> **What is expected**: Please copy out the entries below exactly, beginning with the line that contains "import ezdxf" and ending with the line that contains "doc.units = 0", and include nothing outside that span.

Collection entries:
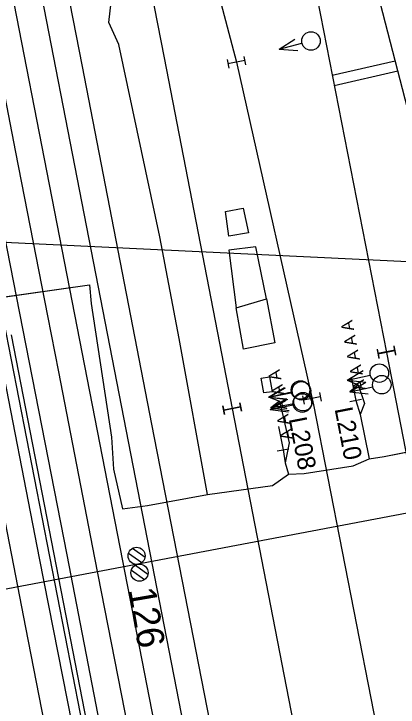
# Model space of a CAD drawing. Extents: x -545846 to -545044, y -1122650 to -1119108.
# Drawn here: x -545607.35 to -545584.88, y -1119749.29 to -1119708.74 of the extents above; entities that cross this region are included whole.
import ezdxf

# ---------------------------------------------------------------- set-up
doc = ezdxf.new("R2010")
doc.units = 0
for name, color, linetype in [('osvětlené plochy-hodnota-obrys', 7, 'Continuous'), ('Vrstva 1', 7, 'Continuous'), ('Vrstva 1 - Koleje', 7, 'Continuous'), ('Vrstva 11 - Trakce', 7, 'Continuous'), ('Vrstva 12', 7, 'Continuous'), ('Vrstva 28 - zabzar', 7, 'Continuous'), ('Vrstva 3', 7, 'Continuous'), ('Vrstva 3 - Lisy - Pocitaci body', 7, 'Continuous'), ('Vrstva 35', 7, 'Continuous'), ('Vrstva 4 - Teren - stezky - prechody - plochy', 7, 'Continuous'), ('Vrstva 44', 7, 'Continuous'), ('Vrstva 47', 7, 'Continuous'), ('Vrstva 6 - Navesti', 7, 'Continuous'), ('Vrstva 63', 7, 'Continuous'), ('Vrstva 7', 7, 'Continuous')]:
    doc.layers.add(name, color=color, linetype=linetype)

msp = doc.modelspace()

# ---------------------------------------------------------------- linework, layer by layer
at = {"layer": 'osvětlené plochy-hodnota-obrys'}
msp.add_lwpolyline([(-545607.519, -1119727.517), (-545482.536, -1120367.871), (-545465.73, -1120446.743)], dxfattribs=at)
at = {"layer": 'Vrstva 1'}
for points in [[(-545602.029, -1119693.583), (-545598.565, -1119711.307), (-545594.583, -1119731.822), (-545589.431, -1119758.323), (-545585.705, -1119777.481), (-545581.931, -1119796.878), (-545577.85, -1119817.916), (-545574.229, -1119836.454), (-545566.021, -1119878.608), (-545562.481, -1119896.755), (-545557.82, -1119920.626), (-545554.604, -1119937.13), (-545550.914, -1119956.063), (-545547.745, -1119972.316), (-545544.006, -1119991.525), (-545541.153, -1120006.179), (-545537.243, -1120026.14), (-545533.277, -1120046.572), (-545530.018, -1120063.314), (-545527.775, -1120074.815), (-545524.856, -1120089.755)], [(-545590.549, -1119693.752), (-545585.92, -1119708.136), (-545581.026, -1119727.036), (-545575.373, -1119755.57), (-545571.52, -1119775.37), (-545567.844, -1119794.261), (-545563.824, -1119814.897), (-545560.084, -1119834.061), (-545556.048, -1119854.768), (-545551.987, -1119875.613), (-545548.319, -1119894.407), (-545543.682, -1119918.231), (-545540.696, -1119933.487), (-545536.827, -1119953.387), (-545533.718, -1119969.352), (-545530.333, -1119986.601), (-545527.156, -1120002.918), (-545523.195, -1120023.229), (-545519.282, -1120043.326), (-545515.993, -1120060.207), (-545512.515, -1120078.101), (-545510.783, -1120087.015)], [(-545591.953, -1119695.973), (-545589.426, -1119708.821), (-545585.562, -1119728.547), (-545580.161, -1119756.31), (-545576.34, -1119775.946), (-545572.662, -1119794.842), (-545568.577, -1119815.765), (-545565.41, -1119832.016), (-545560.911, -1119855.153), (-545556.755, -1119876.505), (-545553.101, -1119895.22), (-545548.468, -1119919.048), (-545545.39, -1119934.783), (-545541.601, -1119954.258), (-545538.495, -1119970.174), (-545535.125, -1119987.455), (-545531.905, -1120003.962), (-545527.939, -1120024.303), (-545524.009, -1120044.435), (-545520.767, -1120061.072), (-545516.582, -1120082.503), (-545515.522, -1120087.937)], [(-545597.779, -1119698.482), (-545594.338, -1119711.564), (-545589.837, -1119731.615), (-545584.802, -1119757.347), (-545581.012, -1119776.847), (-545577.302, -1119795.89), (-545573.022, -1119817.847), (-545569.632, -1119835.266), (-545566.147, -1119853.109), (-545561.413, -1119877.445), (-545557.805, -1119895.927), (-545553.146, -1119919.833), (-545550.006, -1119935.942), (-545546.238, -1119955.245), (-545543.114, -1119971.233), (-545539.387, -1119990.38), (-545536.465, -1120005.351), (-545532.576, -1120025.3), (-545528.594, -1120045.732), (-545525.395, -1120062.15), (-545521.638, -1120081.42), (-545520.188, -1120088.846)], [(-545604.997, -1119703.439), (-545603.36, -1119711.808), (-545599.303, -1119732.747), (-545594.117, -1119759.295), (-545590.439, -1119778.194), (-545586.612, -1119797.817), (-545582.864, -1119817.084), (-545578.836, -1119837.699), (-545575.605, -1119854.283), (-545570.113, -1119882.462), (-545567.043, -1119898.144), (-545562.471, -1119921.625), (-545559.225, -1119938.343), (-545555.591, -1119956.995), (-545552.344, -1119973.694), (-545548.708, -1119992.275), (-545545.83, -1120007.048), (-545541.927, -1120027.081), (-545537.977, -1120047.323), (-545534.6, -1120064.642), (-545531.058, -1120082.859), (-545529.535, -1120090.666)]]:
    msp.add_lwpolyline(points, dxfattribs=at)
at = {"layer": 'Vrstva 1 - Koleje'}
for points in [[(-545615.292, -1119700.416), (-545613.256, -1119710.876), (-545612.083, -1119716.896), (-545610.167, -1119726.739), (-545608.467, -1119735.46), (-545606.677, -1119744.638), (-545604.634, -1119755.121), (-545602.627, -1119765.413), (-545600.596, -1119775.823), (-545598.487, -1119786.628), (-545596.43, -1119797.186), (-545594.376, -1119807.724), (-545592.296, -1119818.383), (-545590.271, -1119828.778), (-545588.207, -1119839.366), (-545586.589, -1119847.665), (-545583.547, -1119863.26), (-545581.482, -1119873.852), (-545579.437, -1119884.331), (-545577.669, -1119893.4)], [(-545609.289, -1119706.39), (-545607.258, -1119716.828), (-545605.385, -1119726.4), (-545604.749, -1119729.676), (-545602.629, -1119740.555), (-545600.686, -1119750.508), (-545598.795, -1119760.226), (-545596.798, -1119770.466), (-545594.897, -1119780.215), (-545592.936, -1119790.271), (-545591.004, -1119800.184), (-545589.134, -1119809.787), (-545587.162, -1119819.904), (-545585.454, -1119828.656), (-545583.635, -1119837.965), (-545581.894, -1119846.888), (-545579.772, -1119857.774), (-545577.858, -1119867.605), (-545575.847, -1119877.904), (-545574.063, -1119887.086), (-545572.15, -1119896.857)]]:
    msp.add_lwpolyline(points, dxfattribs=at)
at = {"layer": 'Vrstva 11 - Trakce'}
for p, q in [((-545600.41, -1119740.001), (-545599.681, -1119740.515)), ((-545600.648, -1119740.292), (-545599.873, -1119740.839)), ((-545600.478, -1119741.282), (-545599.705, -1119741.826)), ((-545600.242, -1119740.989), (-545599.51, -1119741.504))]:
    msp.add_line(p, q, dxfattribs=at)
msp.add_lwpolyline([(-545556.873, -1119732.708), (-545581.366, -1119737.374), (-545620.695, -1119744.825)], dxfattribs=at)
for centre in [(-545600.174, -1119740.44), (-545600.002, -1119741.426)]:
    msp.add_circle(centre, 0.5, dxfattribs=at)
at = {"layer": 'Vrstva 12'}
for points in [[(-545594.341, -1119725.936), (-545592.574, -1119725.408), (-545593.205, -1119722.356), (-545594.782, -1119722.564)], [(-545592.088, -1119727.985), (-545593.92, -1119728.351), (-545594.341, -1119725.936), (-545592.574, -1119725.408)], [(-545592.738, -1119730.91), (-545592.895, -1119730.055), (-545592.395, -1119729.965), (-545592.237, -1119730.844)]]:
    msp.add_lwpolyline(points, close=True, dxfattribs=at)
at = {"layer": 'Vrstva 28 - zabzar'}
for p, q in [((-545587.36, -1119731.35), (-545587.09, -1119732.18)), ((-545591.61, -1119734.24), (-545591.48, -1119735))]:
    msp.add_line(p, q, dxfattribs=at)
for points in [[(-545596.02, -1119736.86), (-545597.69, -1119727.72), (-545598.81, -1119721.77), (-545601.22, -1119710.53), (-545601.8, -1119709.24), (-545601.66, -1119708.05), (-545602.86, -1119702.19), (-545603.61, -1119699.82), (-545603.48, -1119698.02), (-545605.69, -1119686.26), (-545606.03, -1119685.01)], [(-545617.28, -1119726.64), (-545602.93, -1119724.58), (-545602.83, -1119725.68), (-545601.65, -1119733.49), (-545601.53, -1119735.38), (-545600.99, -1119737.7), (-545599.54, -1119737.49), (-545596.02, -1119736.86), (-545592.22, -1119736.33), (-545591.29, -1119735.66), (-545590.37, -1119735.63), (-545587.5, -1119735.17), (-545586.58, -1119734.76), (-545585.7, -1119734.63), (-545583.15, -1119734.13)], [(-545587.85, -1119730.17), (-545587.21, -1119730.44), (-545587.71, -1119730.85)], [(-545587.21, -1119730.44), (-545586.85, -1119731.53), (-545587.09, -1119732.18), (-545586.58, -1119734.76)], [(-545592.42, -1119731.15), (-545591.81, -1119731.39), (-545592.33, -1119731.79)], [(-545591.81, -1119731.39), (-545591.25, -1119733.83), (-545591.48, -1119735), (-545591.29, -1119735.66)]]:
    msp.add_lwpolyline(points, dxfattribs=at)
at = {"layer": 'Vrstva 3'}
for p, q in [((-545591.835, -1119710.81), (-545590.922, -1119710.213)), ((-545591.835, -1119710.81), (-545590.5, -1119710.459)), ((-545591.835, -1119710.81), (-545590.746, -1119710.88)), ((-545593.895, -1119711.223), (-545593.799, -1119711.714)), ((-545594.877, -1119711.414), (-545594.781, -1119711.905)), ((-545593.847, -1119711.468), (-545594.829, -1119711.66)), ((-545585.119, -1119728.206), (-545585.023, -1119728.697)), ((-545586.101, -1119728.397), (-545586.005, -1119728.888)), ((-545585.071, -1119728.451), (-545586.053, -1119728.643)), ((-545592.465, -1119731.155), (-545591.531, -1119730.592)), ((-545592.465, -1119731.155), (-545591.119, -1119730.853)), ((-545592.465, -1119731.155), (-545591.38, -1119731.265)), ((-545594.14, -1119731.481), (-545594.044, -1119731.972)), ((-545592.364, -1119731.871), (-545591.415, -1119731.334)), ((-545592.364, -1119731.871), (-545591.01, -1119731.606)), ((-545595.122, -1119731.672), (-545595.026, -1119732.163)), ((-545594.092, -1119731.726), (-545595.074, -1119731.918)), ((-545592.364, -1119731.871), (-545591.282, -1119732.011))]:
    msp.add_line(p, q, dxfattribs=at)
for centre in [(-545589.975, -1119710.323), (-545590.589, -1119730.736), (-545590.477, -1119731.504)]:
    msp.add_circle(centre, 0.542, dxfattribs=at)
at = {"layer": 'Vrstva 3 - Lisy - Pocitaci body'}
for p, q in [((-545586.109, -1119728.351), (-545586.014, -1119728.842)), ((-545585.128, -1119728.16), (-545585.033, -1119728.651)), ((-545585.08, -1119728.406), (-545586.062, -1119728.596)), ((-545587.85, -1119730.17), (-545586.916, -1119729.607)), ((-545587.85, -1119730.17), (-545586.504, -1119729.868)), ((-545587.85, -1119730.17), (-545586.765, -1119730.28)), ((-545587.71, -1119730.85), (-545586.776, -1119730.287)), ((-545592.42, -1119731.15), (-545591.47, -1119730.614)), ((-545587.71, -1119730.85), (-545586.364, -1119730.548)), ((-545592.42, -1119731.15), (-545591.065, -1119730.887)), ((-545592.42, -1119731.15), (-545591.338, -1119731.291)), ((-545590.462, -1119731.083), (-545590.366, -1119731.574)), ((-545589.432, -1119731.137), (-545590.414, -1119731.329)), ((-545589.48, -1119730.892), (-545589.384, -1119731.383)), ((-545587.71, -1119730.85), (-545586.625, -1119730.96)), ((-545594.044, -1119731.972), (-545594.14, -1119731.481)), ((-545592.33, -1119731.79), (-545591.38, -1119731.254)), ((-545592.33, -1119731.79), (-545590.975, -1119731.527)), ((-545595.026, -1119732.163), (-545595.122, -1119731.672)), ((-545595.074, -1119731.918), (-545594.092, -1119731.726)), ((-545592.33, -1119731.79), (-545591.248, -1119731.931))]:
    msp.add_line(p, q, dxfattribs=at)
for centre in [(-545585.974, -1119729.751), (-545585.834, -1119730.431), (-545590.533, -1119730.785), (-545590.443, -1119731.425)]:
    msp.add_circle(centre, 0.542, dxfattribs=at)
at = {"layer": 'Vrstva 35'}
for p, q in [((-545617.28, -1119726.64), (-545602.93, -1119724.58)), ((-545585.7, -1119734.63), (-545583.15, -1119734.13)), ((-545590.37, -1119735.63), (-545587.5, -1119735.17))]:
    msp.add_line(p, q, dxfattribs=at)
msp.add_lwpolyline([(-545600.99, -1119737.7), (-545599.54, -1119737.49), (-545596.02, -1119736.86), (-545592.22, -1119736.33)], dxfattribs=at)
at = {"layer": 'Vrstva 4 - Teren - stezky - prechody - plochy'}
for points in [[(-545624.215, -1119622.224), (-545623.342, -1119622.007), (-545620.608, -1119632.171), (-545618.464, -1119642.593), (-545609.99, -1119685.9), (-545599.422, -1119740.168), (-545590.883, -1119784.038), (-545582.301, -1119828.162), (-545571.506, -1119883.387), (-545561.049, -1119937.185), (-545548.968, -1119999.368), (-545536.73, -1120062.107), (-545526.255, -1120115.744), (-545515.983, -1120168.544), (-545503.995, -1120229.495), (-545494.446, -1120278.921), (-545489.088, -1120306.388), (-545486.967, -1120316.535), (-545487.846, -1120316.754)], [(-545627.289, -1119622.488), (-545623.041, -1119643.798), (-545614.848, -1119686.378), (-545604.257, -1119740.381), (-545596.077, -1119782.585), (-545587.168, -1119828.353), (-545576.202, -1119884.317), (-545565.971, -1119936.976), (-545553.74, -1119999.834), (-545541.535, -1120062.236), (-545531.079, -1120116.013), (-545520.819, -1120168.515), (-545508.831, -1120230.344), (-545499.12, -1120279.845), (-545497.248, -1120289.164), (-545495.162, -1120299.078), (-545493.408, -1120306.853), (-545489.261, -1120323.659), (-545486.768, -1120332.638), (-545482.019, -1120349.033), (-545479.258, -1120359.037), (-545477.044, -1120368.814), (-545475.362, -1120376.928)], [(-545624.215, -1119622.224), (-545621.684, -1119634.807), (-545620.048, -1119643.216), (-545611.648, -1119686.181), (-545601.152, -1119739.942), (-545592.571, -1119783.992), (-545583.867, -1119828.341), (-545573.059, -1119883.823), (-545562.652, -1119937.218), (-545550.46, -1119999.458), (-545538.284, -1120062.171), (-545527.796, -1120116.054), (-545517.608, -1120168.62), (-545505.551, -1120230.109), (-545495.948, -1120279.349), (-545494.121, -1120288.848), (-545492.075, -1120298.544), (-545490.237, -1120306.578), (-545487.846, -1120316.754)], [(-545628.853, -1119622.763), (-545624.686, -1119644.063), (-545616.354, -1119686.873), (-545605.869, -1119740.58), (-545597.619, -1119782.547), (-545588.666, -1119828.365), (-545577.778, -1119884.555), (-545567.555, -1119936.921), (-545555.278, -1120000.024), (-545543.118, -1120062.357), (-545532.633, -1120116.151), (-545522.436, -1120168.075), (-545510.345, -1120230.332), (-545500.633, -1120280.001), (-545495.304, -1120307.199), (-545490.342, -1120331.504), (-545485.9, -1120353.688), (-545480.839, -1120378)]]:
    msp.add_lwpolyline(points, dxfattribs=at)
at = {"layer": 'Vrstva 44'}
msp.add_lwpolyline([(-545622.746, -1119648.835), (-545613.361, -1119699.038), (-545602.122, -1119756.581), (-545611.004, -1119758.624), (-545611.36, -1119758.757)], dxfattribs=at)
at = {"layer": 'Vrstva 47'}
msp.add_lwpolyline([(-545594.78, -1119721.75), (-545594.976, -1119720.291), (-545593.932, -1119720.105), (-545593.629, -1119721.54)], close=True, dxfattribs=at)
at = {"layer": 'Vrstva 6 - Navesti'}
for p, q in [((-545587.624, -1119729.989), (-545587.36, -1119731.35)), ((-545587.704, -1119731.417), (-545587.016, -1119731.283)), ((-545591.875, -1119732.879), (-545591.61, -1119734.24)), ((-545591.954, -1119734.307), (-545591.266, -1119734.173))]:
    msp.add_line(p, q, dxfattribs=at)
at = {"layer": 'Vrstva 63'}
msp.add_line((-545558.013, -1119724.486), (-545666.337, -1119719.323), dxfattribs=at)
at = {"layer": 'Vrstva 7'}
for p, q in [((-545588.739, -1119712.33), (-545585.051, -1119711.492)), ((-545588.623, -1119712.919), (-545584.901, -1119712.073))]:
    msp.add_line(p, q, dxfattribs=at)

# ---------------------------------------------------------------- texts
at = {"layer": 'Vrstva 11 - Trakce'}
msp.add_text('126', height=1.6, rotation=279.8542, dxfattribs=at).set_placement((-545600.67, -1119742.412))
at = {"layer": 'Vrstva 6 - Navesti'}
for s, height, rotation, p in [('  A A A A A ', 0.7, 100.9988, (-545586.673, -1119731.216)), ('  A A A A A ', 0.7, 101.0059, (-545590.923, -1119734.106)), ('L210', 1.05, 280.9988, (-545588.599, -1119731.843)), ('L208', 1.05, 281.0059, (-545591.28, -1119732.421))]:
    msp.add_text(s, height=height, rotation=rotation, dxfattribs=at).set_placement(p)

doc.saveas('drawing.dxf')

> **Solution to the problem**:
import ezdxf

# ---------------------------------------------------------------- set-up
doc = ezdxf.new("R2010")
doc.units = 0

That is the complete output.